┌──

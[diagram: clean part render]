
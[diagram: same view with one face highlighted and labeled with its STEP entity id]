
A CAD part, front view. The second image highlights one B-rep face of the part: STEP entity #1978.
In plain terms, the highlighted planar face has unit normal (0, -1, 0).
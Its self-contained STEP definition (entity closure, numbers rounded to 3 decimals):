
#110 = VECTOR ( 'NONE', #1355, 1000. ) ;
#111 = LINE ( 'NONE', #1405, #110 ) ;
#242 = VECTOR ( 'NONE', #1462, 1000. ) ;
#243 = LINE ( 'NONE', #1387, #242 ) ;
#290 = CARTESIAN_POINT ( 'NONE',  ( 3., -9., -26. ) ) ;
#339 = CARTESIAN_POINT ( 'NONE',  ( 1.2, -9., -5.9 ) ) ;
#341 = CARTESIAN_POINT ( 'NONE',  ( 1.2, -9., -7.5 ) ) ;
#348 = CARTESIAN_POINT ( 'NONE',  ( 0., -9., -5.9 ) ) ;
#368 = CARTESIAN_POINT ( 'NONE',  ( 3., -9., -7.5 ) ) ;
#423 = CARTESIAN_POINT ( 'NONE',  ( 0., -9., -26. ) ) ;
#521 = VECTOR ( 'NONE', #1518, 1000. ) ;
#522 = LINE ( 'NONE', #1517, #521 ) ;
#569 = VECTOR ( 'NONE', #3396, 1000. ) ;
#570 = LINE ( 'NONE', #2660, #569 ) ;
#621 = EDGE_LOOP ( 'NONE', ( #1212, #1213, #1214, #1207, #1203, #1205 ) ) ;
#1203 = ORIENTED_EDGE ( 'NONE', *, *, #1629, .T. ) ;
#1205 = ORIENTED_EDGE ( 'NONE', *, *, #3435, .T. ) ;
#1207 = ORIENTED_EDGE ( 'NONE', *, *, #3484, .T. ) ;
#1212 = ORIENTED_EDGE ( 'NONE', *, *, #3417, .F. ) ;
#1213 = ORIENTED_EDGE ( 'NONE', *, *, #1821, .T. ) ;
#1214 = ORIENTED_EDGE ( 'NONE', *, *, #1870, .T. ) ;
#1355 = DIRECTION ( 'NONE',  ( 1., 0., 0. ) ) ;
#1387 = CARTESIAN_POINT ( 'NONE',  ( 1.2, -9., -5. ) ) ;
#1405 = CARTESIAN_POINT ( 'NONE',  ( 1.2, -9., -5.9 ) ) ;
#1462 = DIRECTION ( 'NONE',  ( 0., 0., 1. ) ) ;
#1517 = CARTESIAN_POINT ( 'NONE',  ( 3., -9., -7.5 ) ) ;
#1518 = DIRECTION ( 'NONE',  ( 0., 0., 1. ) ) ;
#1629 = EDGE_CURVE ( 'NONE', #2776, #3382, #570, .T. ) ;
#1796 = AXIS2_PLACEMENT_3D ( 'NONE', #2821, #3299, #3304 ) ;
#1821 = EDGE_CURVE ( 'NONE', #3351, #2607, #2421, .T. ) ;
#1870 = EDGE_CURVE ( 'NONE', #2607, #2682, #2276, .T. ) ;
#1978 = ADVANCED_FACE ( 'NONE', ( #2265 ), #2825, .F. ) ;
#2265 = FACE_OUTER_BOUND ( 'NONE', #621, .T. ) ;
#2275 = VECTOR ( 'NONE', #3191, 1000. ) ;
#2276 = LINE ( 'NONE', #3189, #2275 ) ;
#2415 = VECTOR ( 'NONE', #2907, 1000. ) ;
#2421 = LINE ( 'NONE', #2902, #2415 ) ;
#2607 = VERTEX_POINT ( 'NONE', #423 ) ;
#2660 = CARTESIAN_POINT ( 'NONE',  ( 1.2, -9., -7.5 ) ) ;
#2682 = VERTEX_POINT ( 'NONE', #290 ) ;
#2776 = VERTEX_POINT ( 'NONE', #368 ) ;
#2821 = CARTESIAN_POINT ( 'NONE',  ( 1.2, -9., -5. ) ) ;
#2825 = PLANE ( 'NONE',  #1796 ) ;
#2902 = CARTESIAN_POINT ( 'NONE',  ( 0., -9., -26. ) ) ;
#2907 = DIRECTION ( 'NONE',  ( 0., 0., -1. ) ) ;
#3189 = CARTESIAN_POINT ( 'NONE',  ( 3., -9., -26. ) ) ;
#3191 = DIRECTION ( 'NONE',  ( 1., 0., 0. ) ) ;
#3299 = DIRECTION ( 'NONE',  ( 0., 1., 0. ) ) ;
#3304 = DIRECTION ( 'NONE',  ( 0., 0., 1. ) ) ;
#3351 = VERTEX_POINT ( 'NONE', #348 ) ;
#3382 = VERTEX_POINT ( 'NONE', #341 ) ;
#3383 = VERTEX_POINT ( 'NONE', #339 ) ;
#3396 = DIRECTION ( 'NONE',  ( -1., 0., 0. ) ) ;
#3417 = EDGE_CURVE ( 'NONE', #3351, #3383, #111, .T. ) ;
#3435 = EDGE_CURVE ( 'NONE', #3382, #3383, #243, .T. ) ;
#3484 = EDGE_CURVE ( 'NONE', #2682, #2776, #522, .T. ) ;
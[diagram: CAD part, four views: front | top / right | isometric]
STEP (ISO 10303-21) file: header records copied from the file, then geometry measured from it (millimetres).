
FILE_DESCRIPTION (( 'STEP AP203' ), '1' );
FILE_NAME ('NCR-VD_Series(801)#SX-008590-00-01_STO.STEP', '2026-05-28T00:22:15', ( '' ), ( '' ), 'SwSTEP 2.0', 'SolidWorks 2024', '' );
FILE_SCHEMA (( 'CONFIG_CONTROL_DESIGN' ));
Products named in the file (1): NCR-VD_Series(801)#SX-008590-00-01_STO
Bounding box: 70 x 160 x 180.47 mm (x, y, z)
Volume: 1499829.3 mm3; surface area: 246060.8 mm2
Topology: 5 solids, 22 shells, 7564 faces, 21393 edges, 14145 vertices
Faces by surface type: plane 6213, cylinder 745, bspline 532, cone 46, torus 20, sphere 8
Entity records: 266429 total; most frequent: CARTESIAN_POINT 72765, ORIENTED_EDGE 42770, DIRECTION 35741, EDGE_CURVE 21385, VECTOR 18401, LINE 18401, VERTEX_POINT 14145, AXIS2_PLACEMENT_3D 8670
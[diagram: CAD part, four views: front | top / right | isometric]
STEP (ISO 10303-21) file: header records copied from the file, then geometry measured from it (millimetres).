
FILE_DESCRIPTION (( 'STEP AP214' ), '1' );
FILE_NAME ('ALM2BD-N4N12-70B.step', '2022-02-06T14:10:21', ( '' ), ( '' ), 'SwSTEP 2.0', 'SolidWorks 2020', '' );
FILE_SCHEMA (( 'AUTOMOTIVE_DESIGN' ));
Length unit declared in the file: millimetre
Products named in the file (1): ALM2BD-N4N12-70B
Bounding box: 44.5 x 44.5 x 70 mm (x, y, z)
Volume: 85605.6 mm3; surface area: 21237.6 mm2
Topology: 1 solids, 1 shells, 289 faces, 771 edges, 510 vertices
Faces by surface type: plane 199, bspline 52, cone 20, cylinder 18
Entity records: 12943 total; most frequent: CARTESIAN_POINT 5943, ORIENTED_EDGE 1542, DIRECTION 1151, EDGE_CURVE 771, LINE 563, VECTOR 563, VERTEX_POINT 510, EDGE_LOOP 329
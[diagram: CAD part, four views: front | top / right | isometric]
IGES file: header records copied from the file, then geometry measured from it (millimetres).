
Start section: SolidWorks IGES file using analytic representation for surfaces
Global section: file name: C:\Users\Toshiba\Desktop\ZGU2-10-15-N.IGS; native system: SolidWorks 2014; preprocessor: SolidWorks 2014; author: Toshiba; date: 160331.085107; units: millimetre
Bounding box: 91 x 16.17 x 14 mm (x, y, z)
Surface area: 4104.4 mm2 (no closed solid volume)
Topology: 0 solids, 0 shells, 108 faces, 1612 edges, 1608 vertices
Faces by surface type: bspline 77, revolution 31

└──

— PROBLEM DETAILS —
From the records above, print only the lines between the one holding "Faces by surface type: plane 6213, cylinder" and the one holding "Start section: SolidWorks", inclusive, exactly as they stand.

— THE COMPLETED TASK —
Faces by surface type: plane 6213, cylinder 745, bspline 532, cone 46, torus 20, sphere 8
Entity records: 266429 total; most frequent: CARTESIAN_POINT 72765, ORIENTED_EDGE 42770, DIRECTION 35741, EDGE_CURVE 21385, VECTOR 18401, LINE 18401, VERTEX_POINT 14145, AXIS2_PLACEMENT_3D 8670
[diagram: CAD part, four views: front | top / right | isometric]
STEP (ISO 10303-21) file: header records copied from the file, then geometry measured from it (millimetres).
FILE_DESCRIPTION (( 'STEP AP214' ), '1' );
FILE_NAME ('ALM2BD-N4N12-70B.step', '2022-02-06T14:10:21', ( '' ), ( '' ), 'SwSTEP 2.0', 'SolidWorks 2020', '' );
FILE_SCHEMA (( 'AUTOMOTIVE_DESIGN' ));
Length unit declared in the file: millimetre
Products named in the file (1): ALM2BD-N4N12-70B
Bounding box: 44.5 x 44.5 x 70 mm (x, y, z)
Volume: 85605.6 mm3; surface area: 21237.6 mm2
Topology: 1 solids, 1 shells, 289 faces, 771 edges, 510 vertices
Faces by surface type: plane 199, bspline 52, cone 20, cylinder 18
Entity records: 12943 total; most frequent: CARTESIAN_POINT 5943, ORIENTED_EDGE 1542, DIRECTION 1151, EDGE_CURVE 771, LINE 563, VECTOR 563, VERTEX_POINT 510, EDGE_LOOP 329
[diagram: CAD part, four views: front | top / right | isometric]
IGES file: header records copied from the file, then geometry measured from it (millimetres).
Start section: SolidWorks IGES file using analytic representation for surfaces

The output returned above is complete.